A new method for looking at how proteins fold inside mammal cells could one day lead to better flu vaccines, among other practical applications, say Cornell researchers.
The method, described online in the Proceedings of the National Academy of Sciences July 16, allows researchers to take snapshots of the cell’s protein-making machinery -- called ribosomes -- in various stages of protein production. The scientists then pieced together the snapshots to reconstruct how proteins fold during their synthesis.
Proteins are made up of long chains of amino acids called polypeptides, and folding gives each protein its characteristic structure, which determines its function. Though researchers have used synthetic and purified proteins to study protein folding, this study looks at proteins from their inception, providing a truer picture for how partially synthesized polypeptides can fold in cells.
Proteins fold so quickly -- in microseconds -- that it has been a longtime mystery just how polypeptide chains fold to create the protein’s structure.
"The speed is very fast, so it’s very hard to capture certain steps, but our approach can look at protein folding at the same time as it is being synthesized by the ribosomes," said Shu-Bing Qian, assistant professor of nutritional sciences and the corresponding author on the paper.
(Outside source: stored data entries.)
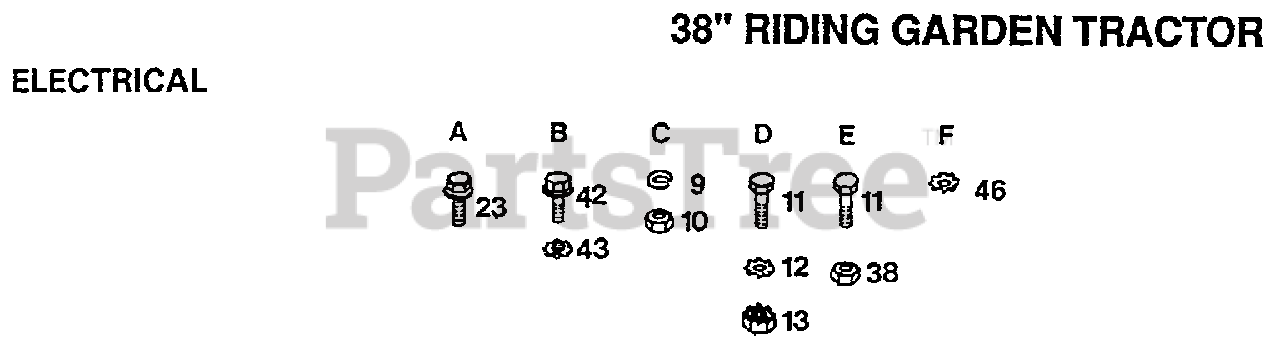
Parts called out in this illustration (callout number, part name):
10	NUT
11	BOLT
13	NUT
23	SCREW
42	SCREW
43	"NUT,KEPS"
46	LOCKWASHER
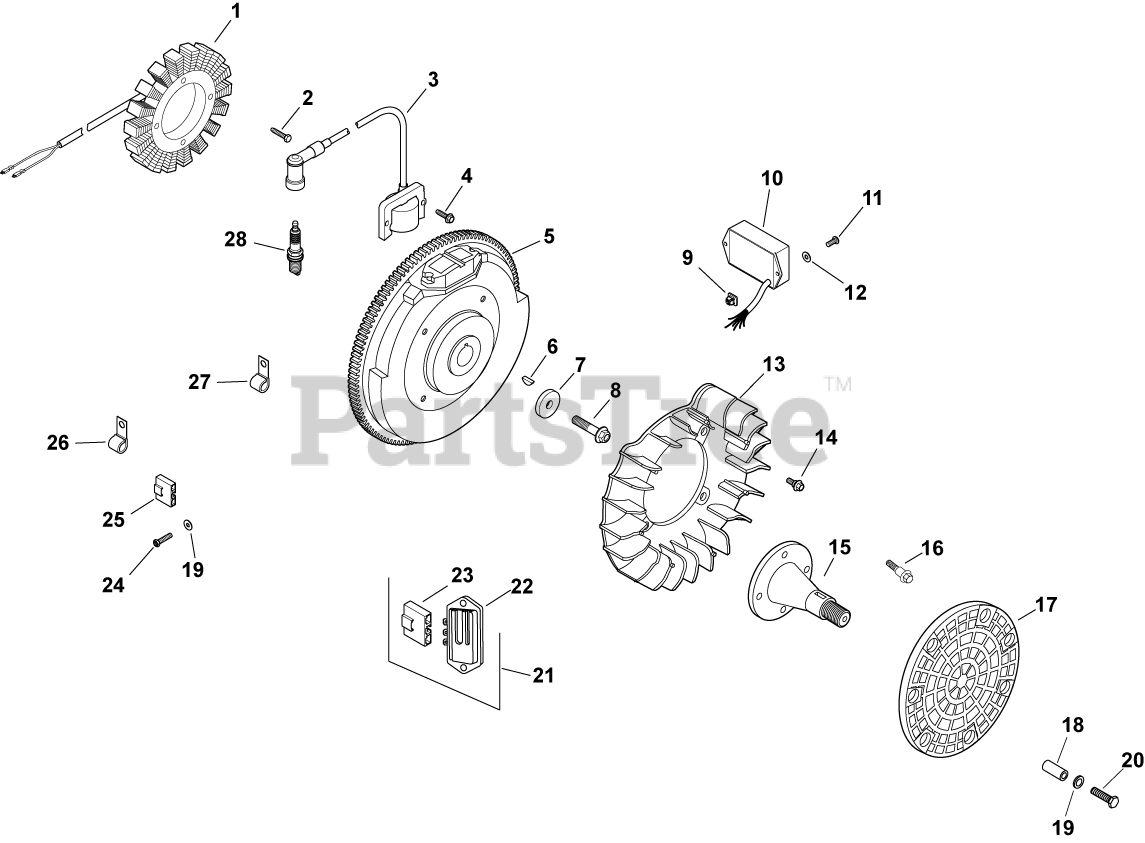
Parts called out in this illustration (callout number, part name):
1	KIT, 25 AMP STATOR ASSY.
2	SCREW, THD FROM M5X0.8X30
3	MODULE, IGNITION
4	SCREW, SKT THD FRM M5X0.8X25
5	FLYWHEEL, PAINTED-USE 24 025 57-S
6	KEY, 3/16" X 5/8"
7	WASHER, FLAT 13/32"
8	SCREW, FLG M10X1.5X45 - (#25086361S)
9	NUT, PLASTIC
10	MODULE, SPEED ADVANCE-DISCONTINUED SEE PB265
11	SCREW, PHL HD #11-16X1/2"
12	WASHER, FLAT 1/4" (O.D. 1/2")
13	FAN USE 24 157 11-S
14	BOLT, SHOULDER
15	SCREW, FLG M8X1.25X25
16	KIT, FRONT DRIVE SHAFT
17	SCREEN, GRASS-USE 24 162 45-S
18	SPACER - DISCONTINUED
19	WASHER, FLAT 3/16"
20	SCREW, SLT HD CAP M4X0.7X25
21	KIT, FULL WAVE CONVERSION
22	REG/RECTIFIER (20/25 AMP)-USE 25 403 20-
23	CONNECTOR, BODY (KM)-USE 25 155 41-S
24	SCREW, PHL HD #11-16X7/8"
25	CONNECTOR
26	CLIP, CABLE
28	PLUG, SPARK (STD)
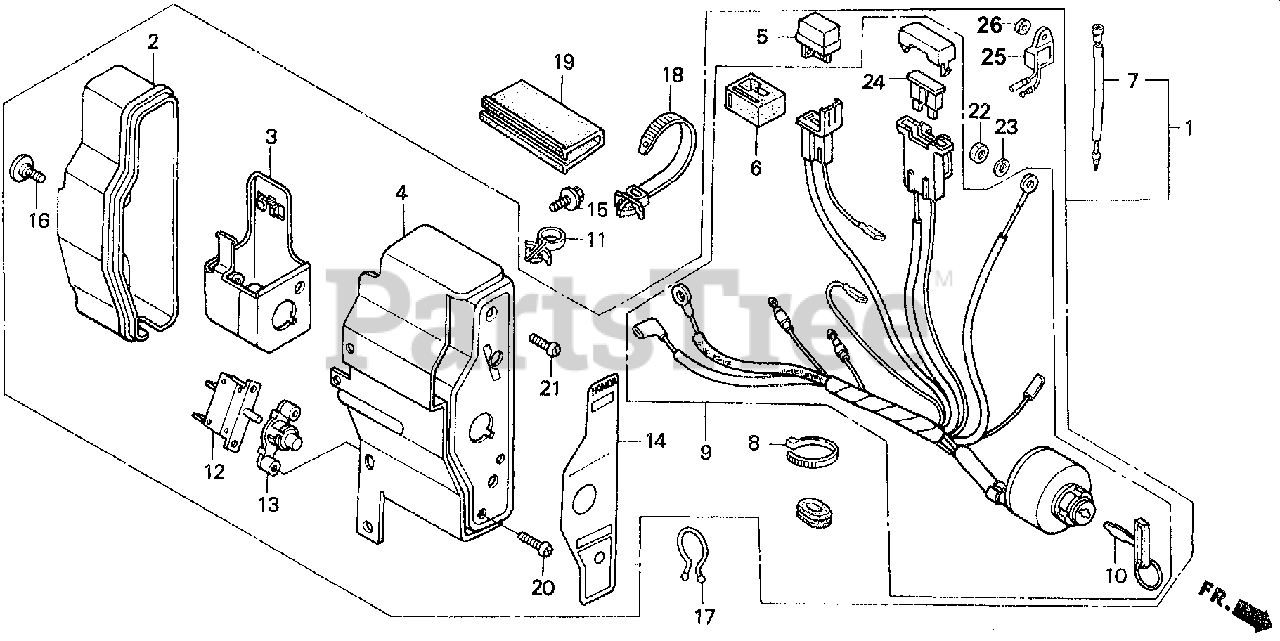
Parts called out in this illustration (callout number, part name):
1	BOX ASSY., CONTROL (EXTERNAL-ALERT/3A) *R8* (BRIGHT RED)
2	CASE, CONTROL
3	BRACKET, CASE MOUNTING
4	PANEL, CONTROL *R8* (BRIGHT RED)
5	RECTIFIER ASSY., SILICON (STANLEY)
6	SUSPENSION, CONNECTOR
7	SUB-HARNESS
8	BAND
9	SWITCH ASSY., COMBINATION
10	KEY
11	HOLDER, STOP SWITCH WIRE
12	PROTECTOR, CIRCUIT (3.5A)
13	LENS ASSY., PROTECTOR
14	PANEL, CONTROL BOX (EXTERNAL)
15	BOLT, FLANGE (6X12) (CT200)
16	SCREW, SPECIAL (6X12)
17	CLIP, PURSE LOCK
18	STRAP, CABLE (118MM) *NH1L* (BLACK)
19	TUBE, FASTENER (30)
20	SCREW, PAN (3X12)
21	SCREW, PAN (4X12)
22	NUT, HEX. (4MM)
23	WASHER, SPRING (4MM)
24	FUSE, BLADE (15A)
25	ALERT UNIT, OIL
26	WASHER, PLAIN (4MM)
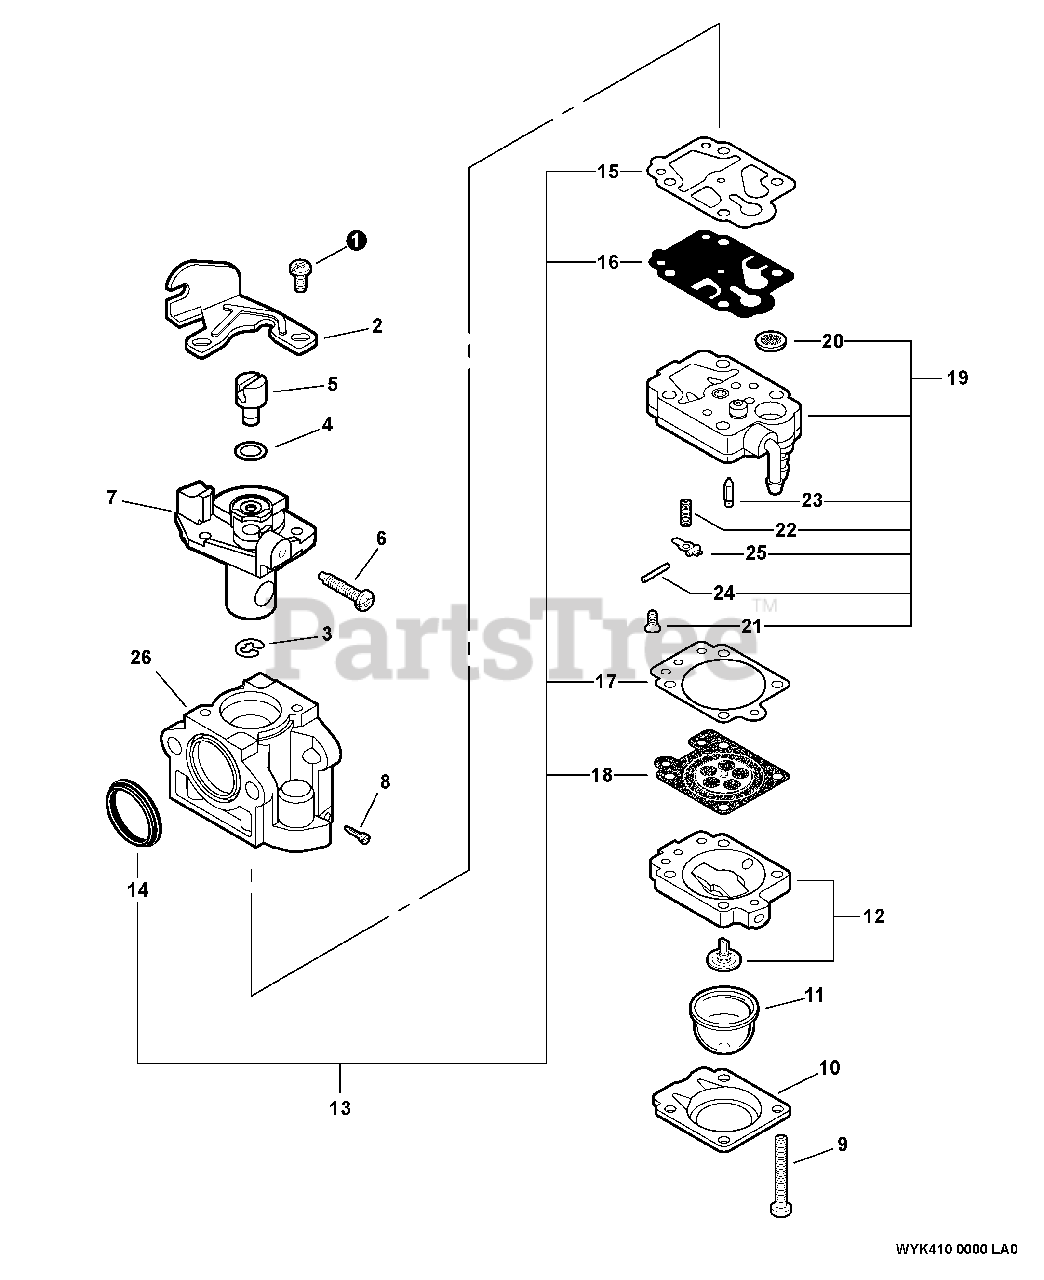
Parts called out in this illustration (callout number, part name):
2	BRACKET, CABLE
3	RING, RETAINING
6	SCREW, IDLE ADJUST
7	THROTTLE VALVE ASSY
8	NEEDLE - HIGH SPEED
9	SCREW, PUMP COVER
10	RETAINER, PURGE BULB
11	BULB, PURGE
12	PURGE BASE ASSY
13	DIAPHRAGM/GASKET KIT
14	SEAL
15	GASKET, PUMP
16	DIAPHRAGM, PUMP
17	GASKET, METERING
18	DIAPHRAGM, METERING
19	PUMP BODY ASSY
20	STRAINER
21	SCREW, METERING LEVER PIN
22	SPRING, METERING LEVER
23	VALVE, INLET NEEDLE
24	PIN, METERING LEVER
25	LEVER, METERING
26	BODY, CARBURETOR

Yan Han, a postdoctoral associate in Qian’s lab, is the paper’s first author.
In a nutshell, messenger RNA (mRNA) carries the coding information for proteins from the DNA to ribosomes, which translate those codes into chains of amino acids that make up proteins. Previously, other researchers had developed a technique to localize the exact position of the ribosomes on the mRNA. Qian and colleagues further advanced this technique to selectively enrich only a certain portion of the protein-making machinery, basically taking snapshots of different stages of the protein synthesis process.
"Like a magnifier, we enrich a small pool from the bigger ocean and then paint a picture from early to late stages of the process," Qian said.